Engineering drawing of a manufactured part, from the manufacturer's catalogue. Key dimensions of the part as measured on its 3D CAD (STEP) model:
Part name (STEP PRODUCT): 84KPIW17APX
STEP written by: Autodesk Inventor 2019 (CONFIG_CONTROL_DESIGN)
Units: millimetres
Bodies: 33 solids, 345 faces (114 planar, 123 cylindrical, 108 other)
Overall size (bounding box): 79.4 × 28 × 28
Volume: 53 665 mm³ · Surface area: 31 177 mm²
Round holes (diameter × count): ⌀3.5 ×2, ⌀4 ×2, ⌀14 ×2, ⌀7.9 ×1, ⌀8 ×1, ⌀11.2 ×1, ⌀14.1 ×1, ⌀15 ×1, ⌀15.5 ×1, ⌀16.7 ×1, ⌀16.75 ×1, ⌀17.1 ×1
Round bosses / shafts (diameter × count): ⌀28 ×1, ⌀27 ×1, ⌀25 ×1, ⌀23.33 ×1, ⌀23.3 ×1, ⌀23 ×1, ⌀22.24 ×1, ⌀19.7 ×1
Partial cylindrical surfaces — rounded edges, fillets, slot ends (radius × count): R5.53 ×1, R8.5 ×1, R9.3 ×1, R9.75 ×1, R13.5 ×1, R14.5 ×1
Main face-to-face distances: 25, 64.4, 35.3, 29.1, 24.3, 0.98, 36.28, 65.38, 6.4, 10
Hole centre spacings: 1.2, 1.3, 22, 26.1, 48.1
==============================
_Exercise goal_
Only lines with the word "cylindrical" go in the answer. Take them all from the entries above.

_Completed task_
Bodies: 33 solids, 345 faces (114 planar, 123 cylindrical, 108 other)
Partial cylindrical surfaces — rounded edges, fillets, slot ends (radius × count): R5.53 ×1, R8.5 ×1, R9.3 ×1, R9.75 ×1, R13.5 ×1, R14.5 ×1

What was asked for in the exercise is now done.